He gazed at the photo, inspecting every face, naming every one. ‘We should salute their memory.’

He raised his glass, Jemma too, and they drank. Was it her imagination or did the whisky burn on her lips and throat?

‘I wasn’t surprised to get your call, Jemma,’ he began again, wiping his own lip with a forefinger. ‘I knew Harry and Randall were meeting but I have to admit I was
expecting a rather different outcome. How much of all this do you know?’

‘Harry told me everything. So as much as him. And perhaps a little more.’

‘It wasn’t meant to be like this,’ McQuarrel whispered. ‘I’d like you to believe that. We all had our dreams. Ali would bring peace to his world, Finn wanted to win
a Pulitzer, Randy would sit at the right hand of God, while Christine glittered throughout every chancellery in Europe.’

‘And Johnnie?’

‘Ah, Johnnie. I must admit he was a bit of a mystery. Skated deeply across the surface of things, that’s what he used to say about himself. At times he could seem extraordinarily
superficial. He never quite convinced me of that. It was all diversion.’

‘And you, Alex. What about you?’

‘Me?’ The question took him aback. ‘I never wanted anything more than Agnetta. And this house.’
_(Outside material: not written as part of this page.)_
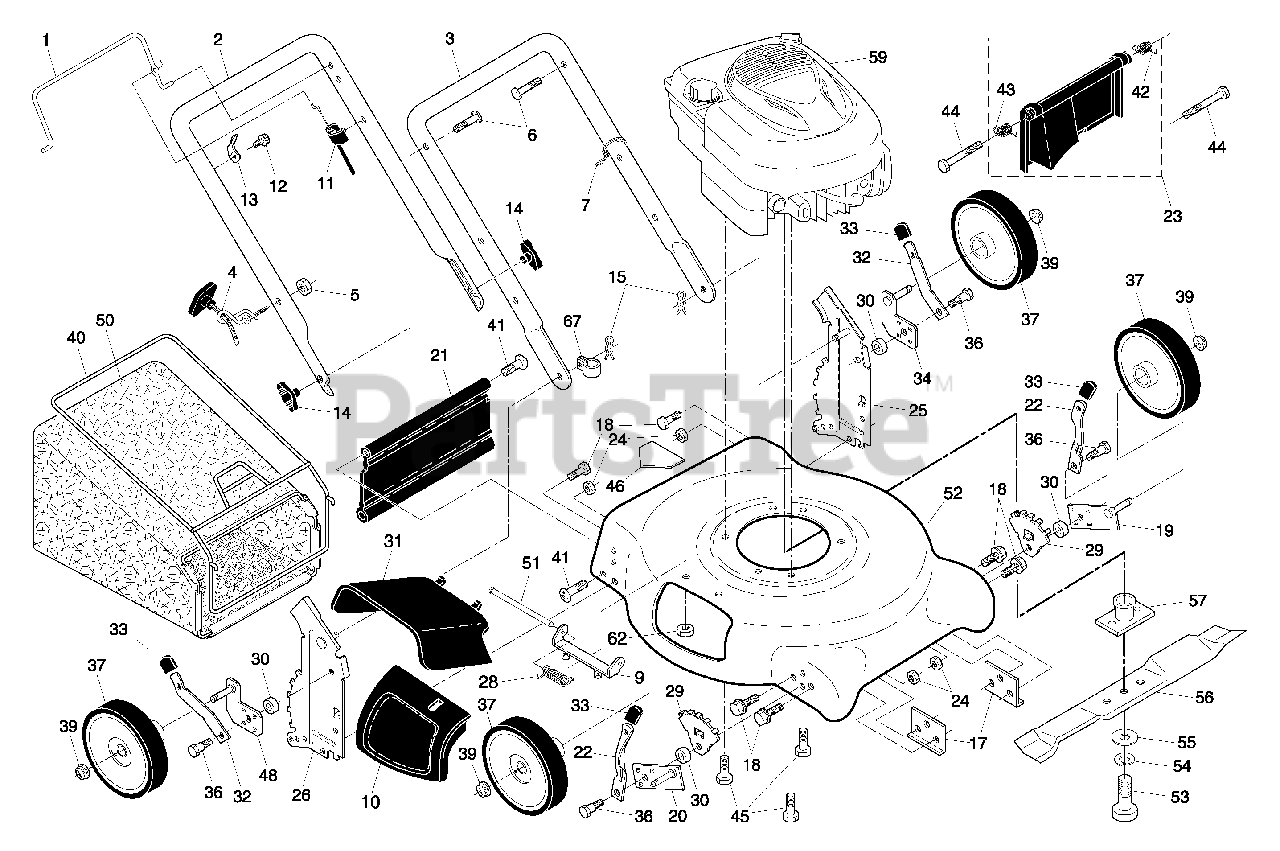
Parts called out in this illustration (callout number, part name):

‘But it was already yours.’

Yet even as she spoke he was already shaking his head. ‘It was our family seat for three hundred years. A place of safety throughout all the turmoil. How many Scottish families can say
that? Until the time of my great-great-grandfather, Lachlann. A mighty useless specimen. A drunkard, a weakling, a numpty, all of that and more. But he was also a gambling man. It might even have
been in this very room, at the cards, and he was losing badly, couldn’t find his way out. So the fool bet everything he had on the turn of a single card. And lost. Left with nothing but his
name and he’d made that worthless. The story has it that when he realized he was ruined, the man he had lost everything to took him to the front door and cast the offending card into the
wind. “Wherever it flies, McQuarrel, will be your home from now.” The card landed where the village grew. It was where my father was born, and I after him, living in the shadow of our
family’s shame.’ He reached once more for his drink, trying to wash away the bitterness. ‘My father’s dying wish was that I would find some way to take this place back,
restore it, along with our family name. That’s what I’ve spent my life doing. With Agnetta. Did that seem so wicked?’

‘That depends.’

‘We chased our dreams and we went too far. All of us. We shared everything, made merry, made love, made money, lots of it, and by the time we understood what we had done it was too late to
go back. The Rubicon had been crossed, our feet were wet, our hands filthy.’ He shook his head in a manner that seemed to carry all the sorrows of the world. ‘None of us wanted that or
ever intended it. When Christine was killed it seemed like some sort of divine retribution, but then the following year Ali arrived with the most extraordinary news, information that could make
every one of us wealthy beyond any further need. One last throw of the dice, he said, and we could walk away from the casino for ever. But it seems others got to find out what he knew and killed
him for it.’

‘Along with his entire family. Even the children.’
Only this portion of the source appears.